34.  Nico, Anna-Karina and Lisa were interviewed in another foster home. Nico stated that he wished to know whether his parents and his “favourite” father (Lieblingsvater) were all right. He asked why he could not join his “favourite” father and whether somebody, his parents, his father or Maurice, could not come to see him. Lisa and Anna were with him and, according to them, were all right. Lisa had let him know that she too wished to return home. He stated that he was fine. Asked about his dreams, he said that he wished to go to his “favourite” father who was very nice, better than his stepfather. In reply to the question whether the judge should leave a message, he dictated the following letter on a dictaphone: “Dear Sascha (his favourite brother), (his favourite sisters Lisa and Ramona), dear Alex, what a pity that we don't see each other ... Sascha, Matthias, Ramona, Alex, his favourite father and his parents should come and visit him.” (Lieber Sascha (sein Lieblingsbruder), (Lieblingsschwestern Lisa und Ramona) lieber Alex, schade, dass wir uns nicht sehen ... Sascha, Matthias, Ramona, Alex, sein Lieblingsvater und seine Eltern sollten ihn besuchen kommen.)

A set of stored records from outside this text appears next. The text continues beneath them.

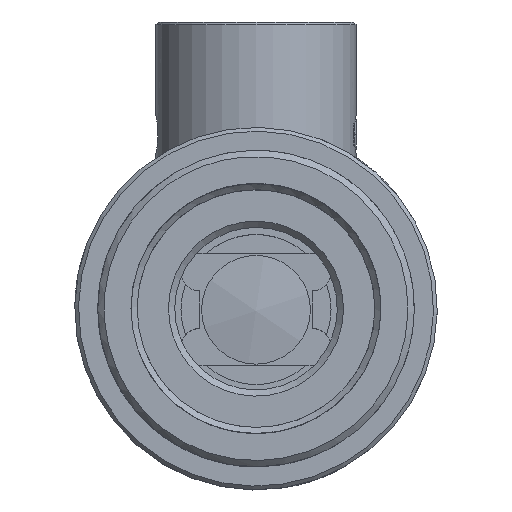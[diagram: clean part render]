
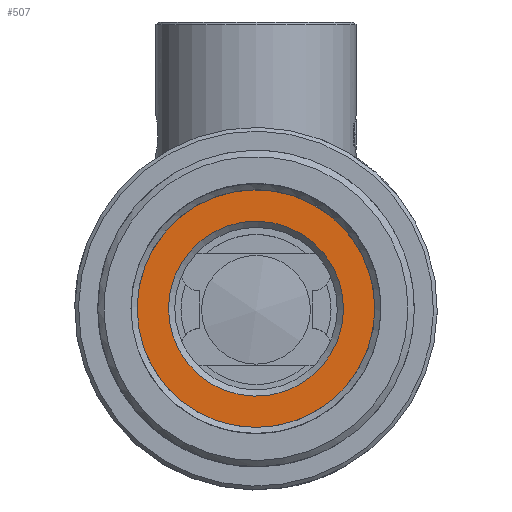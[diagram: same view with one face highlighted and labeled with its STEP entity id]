
A CAD part, top view. The second image highlights one B-rep face of the part: STEP entity #507.
In plain terms, the highlighted planar face has unit normal (0, 0, 1).
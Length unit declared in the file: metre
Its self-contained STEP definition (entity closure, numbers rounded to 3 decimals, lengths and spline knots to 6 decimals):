
#507=ADVANCED_FACE('2:82261',(#1379,#1380),#1381,.F.);
#1379=FACE_BOUND('',#2803,.T.);
#1380=FACE_OUTER_BOUND('',#2804,.T.);
#1381=PLANE('',#2805);
#2803=EDGE_LOOP('',(#4389));
#2804=EDGE_LOOP('',(#4390));
#2805=AXIS2_PLACEMENT_3D('',#4391,#4392,#4393);
#4389=ORIENTED_EDGE('',*,*,#7165,.T.);
#4390=ORIENTED_EDGE('',*,*,#7156,.T.);
#4391=CARTESIAN_POINT('',(0.006823,0.008367,0.073884));
#4392=DIRECTION('',(0.,0.0,-1.0));
#4393=DIRECTION('',(-1.0,0.0,0.));
#7156=EDGE_CURVE('2:83251',#8329,#8329,#8330,.F.);
#7165=EDGE_CURVE('NONE',#8344,#8344,#8345,.T.);
#8329=VERTEX_POINT('',#10468);
#8330=CIRCLE('',#10469,0.00951);
#8344=VERTEX_POINT('',#10650);
#8345=CIRCLE('',#10651,0.007);
#10468=CARTESIAN_POINT('',(0.000546,-0.001096,0.073884));
#10469=AXIS2_PLACEMENT_3D('',#12801,#12802,#12803);
#10650=CARTESIAN_POINT('',(0.003432,-0.003359,0.073884));
#10651=AXIS2_PLACEMENT_3D('',#12804,#12805,#12806);
#12801=CARTESIAN_POINT('',(0.010056,-0.001096,0.073884));
#12802=DIRECTION('',(0.,0.0,-1.0));
#12803=DIRECTION('',(-1.0,0.0,0.));
#12804=CARTESIAN_POINT('',(0.010056,-0.001096,0.073884));
#12805=DIRECTION('',(0.,0.,-1.0));
#12806=DIRECTION('',(-0.946,-0.323,0.));
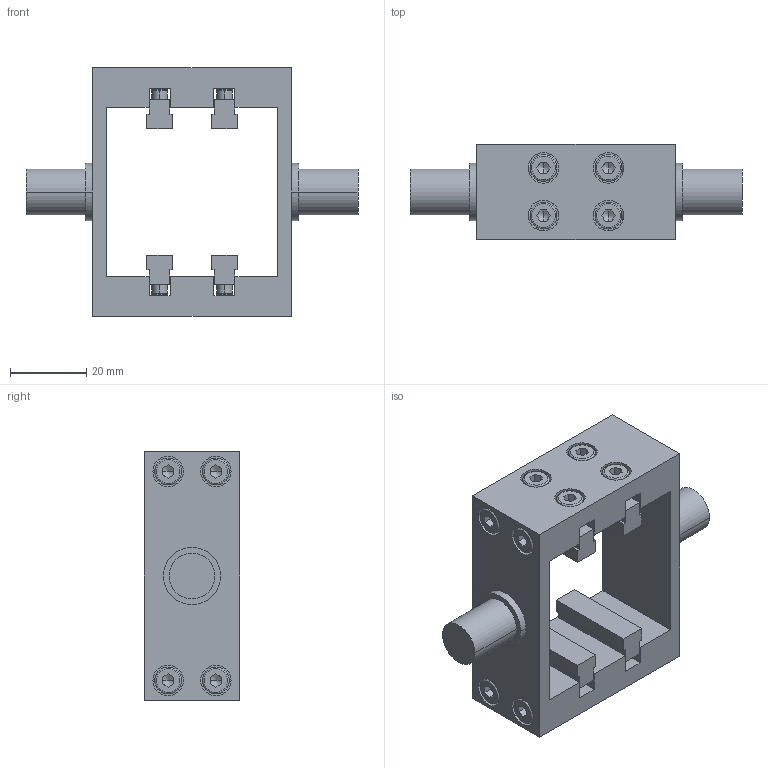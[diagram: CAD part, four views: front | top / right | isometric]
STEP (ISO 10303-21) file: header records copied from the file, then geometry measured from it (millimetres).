
FILE_DESCRIPTION((''),'2;1');
FILE_NAME('CIN032.stp','2008-02-17T17:03:42',('BP'),('AZ PNEUMATICA S.r.l.'),'Mechanical Desktop 2006','Mechanical Desktop 2006','Via Marco Biagi 6, 20020 Misinto (MI) Italia, azpneu@tin.it');
FILE_SCHEMA(('CONFIG_CONTROL_DESIGN'));
Length unit declared in the file: millimetre
Products named in the file (2): SREDNJI NOSAC CILINDRA; PART1
Assembly tree (1 placements, depth 2):
  SREDNJI NOSAC CILINDRA
    PART1
Bounding box: 87 x 25 x 65 mm (x, y, z)
Volume: 39794.3 mm3; surface area: 21960.7 mm2
Topology: 1 solids, 1 shells, 422 faces, 1112 edges, 720 vertices
Faces by surface type: plane 222, cylinder 112, cone 56, bspline 32
Entity records: 14321 total; most frequent: CARTESIAN_POINT 4120, ORIENTED_EDGE 2176, DIRECTION 2064, EDGE_CURVE 1088, AXIS2_PLACEMENT_3D 760, VERTEX_POINT 720, VECTOR 544, LINE 544
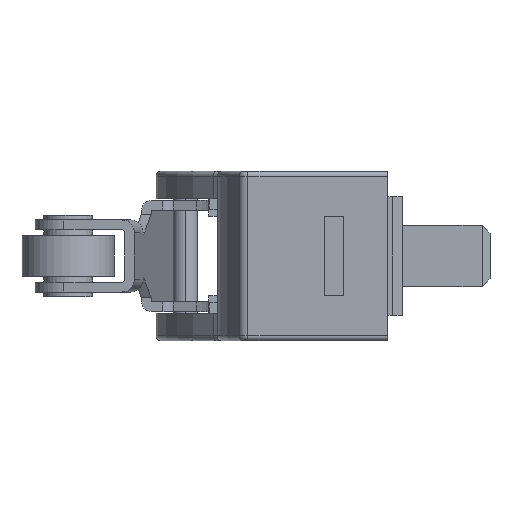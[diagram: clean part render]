
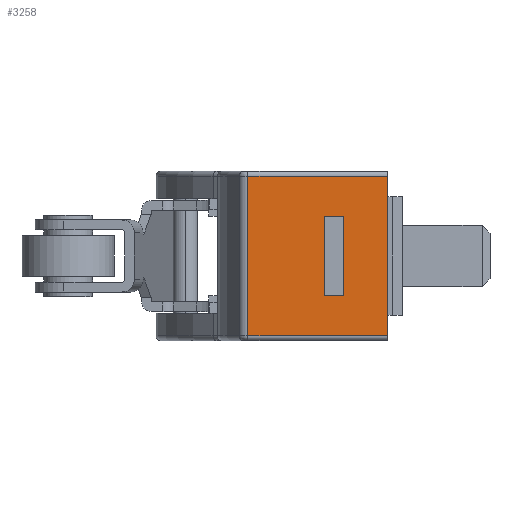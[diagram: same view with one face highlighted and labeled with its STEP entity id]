
A CAD part, left-side view. The second image highlights one B-rep face of the part: STEP entity #3258.
In plain terms, the highlighted planar face has unit normal (-1, 0, 0).
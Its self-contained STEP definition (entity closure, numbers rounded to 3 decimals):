
#3128 = ORIENTED_EDGE ( 'NONE', *, *, #3130, .T. ) ;
#3130 = EDGE_CURVE ( 'NONE', #3264, #3161, #16387, .T. ) ;
#3161 = VERTEX_POINT ( 'NONE', #14577 ) ;
#3162 = ORIENTED_EDGE ( 'NONE', *, *, #3163, .F. ) ;
#3163 = EDGE_CURVE ( 'NONE', #3164, #3161, #14695, .T. ) ;
#3164 = VERTEX_POINT ( 'NONE', #14639 ) ;
#3165 = ORIENTED_EDGE ( 'NONE', *, *, #3167, .T. ) ;
#3167 = EDGE_CURVE ( 'NONE', #3164, #3263, #14780, .T. ) ;
#3171 = EDGE_LOOP ( 'NONE', ( #3173, #3249, #3254, #3178 ) ) ;
#3173 = ORIENTED_EDGE ( 'NONE', *, *, #3174, .T. ) ;
#3174 = EDGE_CURVE ( 'NONE', #3175, #3176, #14781, .T. ) ;
#3175 = VERTEX_POINT ( 'NONE', #14638 ) ;
#3176 = VERTEX_POINT ( 'NONE', #14637 ) ;
#3177 = VERTEX_POINT ( 'NONE', #14576 ) ;
#3178 = ORIENTED_EDGE ( 'NONE', *, *, #3180, .T. ) ;
#3180 = EDGE_CURVE ( 'NONE', #3177, #3175, #14729, .T. ) ;
#3249 = ORIENTED_EDGE ( 'NONE', *, *, #3251, .T. ) ;
#3251 = EDGE_CURVE ( 'NONE', #3176, #3253, #14557, .T. ) ;
#3253 = VERTEX_POINT ( 'NONE', #14553 ) ;
#3254 = ORIENTED_EDGE ( 'NONE', *, *, #3255, .T. ) ;
#3255 = EDGE_CURVE ( 'NONE', #3253, #3177, #14548, .T. ) ;
#3258 = ADVANCED_FACE ( 'NONE', ( #14541, #14746 ), #14550, .F. ) ;
#3260 = ORIENTED_EDGE ( 'NONE', *, *, #3262, .T. ) ;
#3262 = EDGE_CURVE ( 'NONE', #3263, #3264, #14741, .T. ) ;
#3263 = VERTEX_POINT ( 'NONE', #14737 ) ;
#3264 = VERTEX_POINT ( 'NONE', #14736 ) ;
#3418 = EDGE_LOOP ( 'NONE', ( #3260, #3128, #3162, #3165 ) ) ;
#14541 = FACE_OUTER_BOUND ( 'NONE', #3418, .T. ) ;
#14543 = DIRECTION ( 'NONE',  ( 0., 1., 0. ) ) ;
#14545 = VECTOR ( 'NONE', #14543, 1000. ) ;
#14546 = CARTESIAN_POINT ( 'NONE',  ( -35.2, 2.7, -4.1 ) ) ;
#14548 = LINE ( 'NONE', #14546, #14545 ) ;
#14550 = PLANE ( 'NONE',  #14745 ) ;
#14553 = CARTESIAN_POINT ( 'NONE',  ( -35.2, 0.7, -4.1 ) ) ;
#14554 = DIRECTION ( 'NONE',  ( 0., 0., -1. ) ) ;
#14555 = VECTOR ( 'NONE', #14554, 1000. ) ;
#14556 = CARTESIAN_POINT ( 'NONE',  ( -35.2, 0.7, 4.1 ) ) ;
#14557 = LINE ( 'NONE', #14556, #14555 ) ;
#14576 = CARTESIAN_POINT ( 'NONE',  ( -35.2, 2.7, -4.1 ) ) ;
#14577 = CARTESIAN_POINT ( 'NONE',  ( -35.2, -3.8, -8.2 ) ) ;
#14624 = DIRECTION ( 'NONE',  ( 0., 1., 0. ) ) ;
#14625 = VECTOR ( 'NONE', #14624, 1000. ) ;
#14637 = CARTESIAN_POINT ( 'NONE',  ( -35.2, 0.7, 4.1 ) ) ;
#14638 = CARTESIAN_POINT ( 'NONE',  ( -35.2, 2.7, 4.1 ) ) ;
#14639 = CARTESIAN_POINT ( 'NONE',  ( -35.2, -3.8, 8.2 ) ) ;
#14640 = VECTOR ( 'NONE', #14693, 1000. ) ;
#14693 = DIRECTION ( 'NONE',  ( 0., 0., -1. ) ) ;
#14694 = CARTESIAN_POINT ( 'NONE',  ( -35.2, -3.8, 8.7 ) ) ;
#14695 = LINE ( 'NONE', #14694, #14640 ) ;
#14727 = VECTOR ( 'NONE', #14789, 1000. ) ;
#14728 = CARTESIAN_POINT ( 'NONE',  ( -35.2, 2.7, 4.1 ) ) ;
#14729 = LINE ( 'NONE', #14728, #14727 ) ;
#14736 = CARTESIAN_POINT ( 'NONE',  ( -35.2, 10.561, -8.2 ) ) ;
#14737 = CARTESIAN_POINT ( 'NONE',  ( -35.2, 10.561, 8.2 ) ) ;
#14738 = DIRECTION ( 'NONE',  ( 0., 0., -1. ) ) ;
#14739 = VECTOR ( 'NONE', #14738, 1000. ) ;
#14740 = CARTESIAN_POINT ( 'NONE',  ( -35.2, 10.561, 8.7 ) ) ;
#14741 = LINE ( 'NONE', #14740, #14739 ) ;
#14742 = DIRECTION ( 'NONE',  ( 0., 0., -1. ) ) ;
#14743 = DIRECTION ( 'NONE',  ( 1., 0., 0. ) ) ;
#14744 = CARTESIAN_POINT ( 'NONE',  ( -35.2, 10.561, 8.7 ) ) ;
#14745 = AXIS2_PLACEMENT_3D ( 'NONE', #14744, #14743, #14742 ) ;
#14746 = FACE_BOUND ( 'NONE', #3171, .T. ) ;
#14779 = CARTESIAN_POINT ( 'NONE',  ( -35.2, 10.561, 8.2 ) ) ;
#14780 = LINE ( 'NONE', #14779, #14625 ) ;
#14781 = LINE ( 'NONE', #14785, #14784 ) ;
#14783 = DIRECTION ( 'NONE',  ( 0., -1., 0. ) ) ;
#14784 = VECTOR ( 'NONE', #14783, 1000. ) ;
#14785 = CARTESIAN_POINT ( 'NONE',  ( -35.2, 2.7, 4.1 ) ) ;
#14789 = DIRECTION ( 'NONE',  ( 0., 0., 1. ) ) ;
#16384 = DIRECTION ( 'NONE',  ( 0., -1., 0. ) ) ;
#16385 = VECTOR ( 'NONE', #16384, 1000. ) ;
#16386 = CARTESIAN_POINT ( 'NONE',  ( -35.2, 10.561, -8.2 ) ) ;
#16387 = LINE ( 'NONE', #16386, #16385 ) ;

The following letter to his mother was recorded on a dictaphone: “Dear Mama, it is a pity that you do not come and best regards from Maurice and Sandra and Timo and Lisa. Lisa and Anna are all right. Yes and perhaps could you come to see us? Or is that not possible? “ (Liebe Mama! Schade, dass Du nicht kommst und liebe Grüsse von Maurice und Sandra und von Timo und von Anna und dass es Lisa und Anna gut geht. Ja und, vielleicht: könntet Ihr ja mal herkommen. Oder geht das nicht?)

35.  Anna-Karina stated that she felt fine. She was in the company of Lisa and Nico. Everybody said that she should tell her parents that everything was all right. She then added that she did not like it there.

36.  Lisa-Marie regretted that “poor Sandra” was all on her own without any member of the family. She would never bear this. She had to protect Nico and Anna. That was her duty as the elder sister. Nico was beaten very often in that place. She did not know the reason. In reply to a question, she stated that she was doing her homework thoroughly and that she was doing well in school. At home she had almost fallen asleep when doing her homework. When asked what message the judge could pass on, she said that she did not like the place and that she wished to return home. However, the staff did not believe her. She did not really like them. She did not want to go to another institution. She wished to go home. If she were not allowed to go home, she should at least be authorised to see everybody, her brothers and sisters, parents and stepfather. She missed taking Maurice to bed sometimes. Having been told that Nico wished to return to his “favourite” father, Lisa-Maria replied that, unlike Nico, she loved both her father and her stepfather.

37.  On 24 June 2002, as a consequence of the decision of the Federal Constitutional Court, the Münster District Court set down for hearing on 1 July 2002 the request of the Münster Youth Office of 17 December 2001 to provisionally revoke the parental rights of the applicants over the children. It transferred to the Youth Office the right to decide where the children should live (Aufenthaltsbestimmungsrecht). The District Court found that the best interests of the children did not require a modification of the present situation before a decision on the merits was given. The District Court considered that its decision of 18 December 2001 prohibiting the applicants all access to the children was still relevant, since it had not been set aside by the Federal Constitutional Court.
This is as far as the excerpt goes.